Prabowo Kalah di Survei Kompas, Fadli Zon: Saya Bisa Bikin Sendiri
Wakil Ketua DPR Fadli Zon di kompleks parlemen, senayan, jakarta, kamis (30/6). Antara foto/Hafidz Mubarak A.

tirto.id -

Wakil Ketua DPP Gerindra, Fadli Zon tidak percaya dengan hasil survei Litbang Kompas yang menempatkan Jokowi di urutan teratas dan Prabowo Subianto di urutan kedua elektabilitas Capres 2019.

"Saya juga bisa bikin survei yang bikin Pak Prabowo menang. Gampang," kata Fadli, di Kompleks DPR, Senayan, Jakarta Pusat, Senin (23/4/2018).

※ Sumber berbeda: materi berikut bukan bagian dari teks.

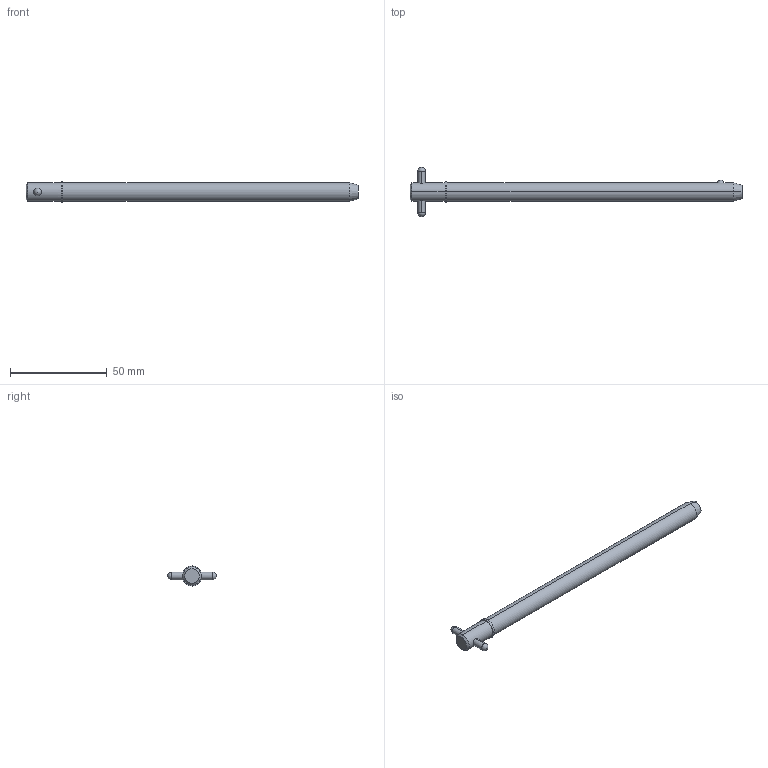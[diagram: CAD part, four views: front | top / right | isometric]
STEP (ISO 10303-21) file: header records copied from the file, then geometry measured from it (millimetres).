
FILE_DESCRIPTION (( 'STEP AP203' ), '1' );
FILE_NAME ('33018.W3755.step', '2024-11-19T17:12:14', ( '' ), ( '' ), 'SwSTEP 2.0', 'SolidWorks 2019', '' );
FILE_SCHEMA (( 'CONFIG_CONTROL_DESIGN' ));
Length unit declared in the file: millimetre
Products named in the file (3): Part2_33018.W3755; 33018.W3755; Part1_33018.W3755
Assembly tree (2 placements, depth 2):
  33018.W3755
    Part1_33018.W3755
    Part2_33018.W3755
Bounding box: 171.45 x 25.4 x 10.48 mm (x, y, z)
Volume: 12348.1 mm3; surface area: 5657.5 mm2
Topology: 2 solids, 2 shells, 22 faces, 47 edges, 30 vertices
Faces by surface type: cylinder 10, sphere 4, cone 4, plane 4
Entity records: 1023 total; most frequent: CARTESIAN_POINT 266, DIRECTION 110, ORIENTED_EDGE 82, AXIS2_PLACEMENT_3D 48, EDGE_CURVE 41, EDGE_LOOP 27, VERTEX_POINT 26, PERSON_AND_ORGANIZATION 26
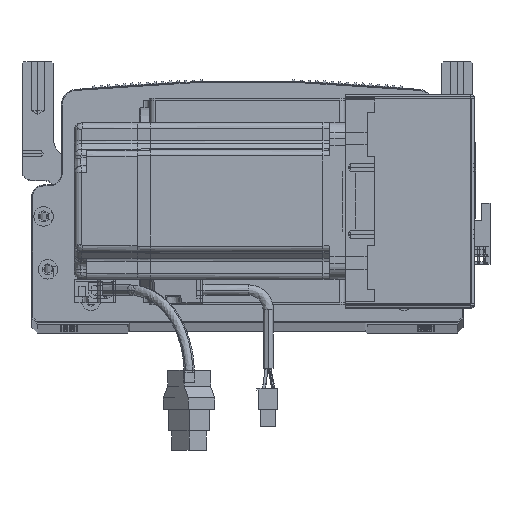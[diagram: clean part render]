
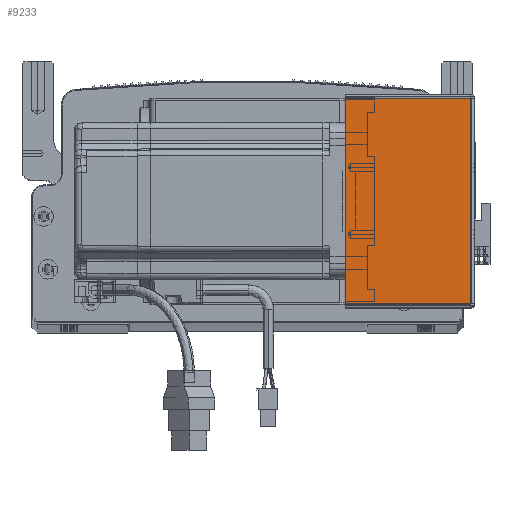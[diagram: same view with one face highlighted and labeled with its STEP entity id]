
A CAD part, top view. The second image highlights one B-rep face of the part: STEP entity #9233.
In plain terms, the highlighted planar face has unit normal (0, 0, 1) as drawn and (0, 0, -1) by its records, which use the part's own axes.
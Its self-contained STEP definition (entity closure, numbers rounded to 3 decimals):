
#166 = EDGE_CURVE ( 'NONE', #29990, #47612, #43904, .T. ) ;
#1770 = DIRECTION ( 'NONE',  ( 0., -1., 0. ) ) ;
#8066 = LINE ( 'NONE', #28638, #42990 ) ;
#9233 = ADVANCED_FACE ( 'NONE', ( #75349 ), #40928, .F. ) ;
#10684 = DIRECTION ( 'NONE',  ( 0., 0., 1. ) ) ;
#12046 = ORIENTED_EDGE ( 'NONE', *, *, #59269, .T. ) ;
#13494 = CARTESIAN_POINT ( 'NONE',  ( 64.5, 105.293, -205.5 ) ) ;
#14550 = LINE ( 'NONE', #61347, #16924 ) ;
#16924 = VECTOR ( 'NONE', #76366, 1000. ) ;
#18516 = DIRECTION ( 'NONE',  ( 1., 0., 0. ) ) ;
#28638 = CARTESIAN_POINT ( 'NONE',  ( 0., 105.293, -205.5 ) ) ;
#29584 = DIRECTION ( 'NONE',  ( 1., 0., 0. ) ) ;
#29990 = VERTEX_POINT ( 'NONE', #33835 ) ;
#33835 = CARTESIAN_POINT ( 'NONE',  ( 0.737, 105.293, -205.5 ) ) ;
#35251 = ORIENTED_EDGE ( 'NONE', *, *, #35595, .T. ) ;
#35595 = EDGE_CURVE ( 'NONE', #29990, #45729, #8066, .T. ) ;
#38434 = EDGE_CURVE ( 'NONE', #47612, #39702, #42445, .T. ) ;
#38617 = DIRECTION ( 'NONE',  ( 1., 0., 0. ) ) ;
#39702 = VERTEX_POINT ( 'NONE', #44403 ) ;
#40144 = AXIS2_PLACEMENT_3D ( 'NONE', #63041, #10684, #18516 ) ;
#40928 = PLANE ( 'NONE',  #40144 ) ;
#42445 = LINE ( 'NONE', #46446, #93681 ) ;
#42990 = VECTOR ( 'NONE', #29584, 1000. ) ;
#43904 = LINE ( 'NONE', #68271, #93932 ) ;
#44403 = CARTESIAN_POINT ( 'NONE',  ( 64.5, 0.707, -205.5 ) ) ;
#45729 = VERTEX_POINT ( 'NONE', #13494 ) ;
#46446 = CARTESIAN_POINT ( 'NONE',  ( 0., 0.707, -205.5 ) ) ;
#47612 = VERTEX_POINT ( 'NONE', #65737 ) ;
#56343 = ORIENTED_EDGE ( 'NONE', *, *, #38434, .F. ) ;
#59269 = EDGE_CURVE ( 'NONE', #45729, #39702, #14550, .T. ) ;
#61347 = CARTESIAN_POINT ( 'NONE',  ( 64.5, 0., -205.5 ) ) ;
#61413 = EDGE_LOOP ( 'NONE', ( #67842, #35251, #12046, #56343 ) ) ;
#63041 = CARTESIAN_POINT ( 'NONE',  ( 0., 0., -205.5 ) ) ;
#65737 = CARTESIAN_POINT ( 'NONE',  ( 0.737, 0.707, -205.5 ) ) ;
#67842 = ORIENTED_EDGE ( 'NONE', *, *, #166, .F. ) ;
#68271 = CARTESIAN_POINT ( 'NONE',  ( 0.737, 0., -205.5 ) ) ;
#75349 = FACE_OUTER_BOUND ( 'NONE', #61413, .T. ) ;
#76366 = DIRECTION ( 'NONE',  ( 0., -1., 0. ) ) ;
#93681 = VECTOR ( 'NONE', #38617, 1000. ) ;
#93932 = VECTOR ( 'NONE', #1770, 1000. ) ;

Fadli menilai survei Litbang Kompas yang dirilis hari ini (23/4) di Harian Kompas tidak bisa menggambarkan secara menyeluruh elektabilitas Capres 2019, melainkan hanya indikator saja.

"Harus dilihat juga metodenya seperti apa. Tidak bisa melihat 1-2 survei. Nanti sore kalau saya bikin survei di medsos juga Pak Prabowo menang," kata Fadli.

Lagi pula, kata Fadli, survei tersebut dilakukan sebelum Prabowo menerima mandat sebagai capres pada 11 April lalu. Sehingga, menurutnya, tidak bisa dikatakan Prabowo akan kalah.

Fadli menilai tingkat kepuasan masyarakat kepada Jokowi sebesar 72,2 persen juga tidak mengindikasikan yang bersangkutan akan terpilih kembali sebagai presiden.

"Sebagai contoh waktu Ahok, tingkat kepuasan masyarakat itu 70% tapi hasilnya cuma 42%. Tidak ada keterpilihan," kata Fadli.

Terlebih, menurut Fadli, Pilpres masih akan dilangsungkan 1 tahun mendatang dan Prabowo masih mempunyai cukup waktu untuk menaikkan elektabilitasnya. Bahkan, menurutnya, mantan Danjen Kopassus tersebut masih diuntungkan karena sampai saat ini Jokowi belum mampu merealisasikan janji-janjinya.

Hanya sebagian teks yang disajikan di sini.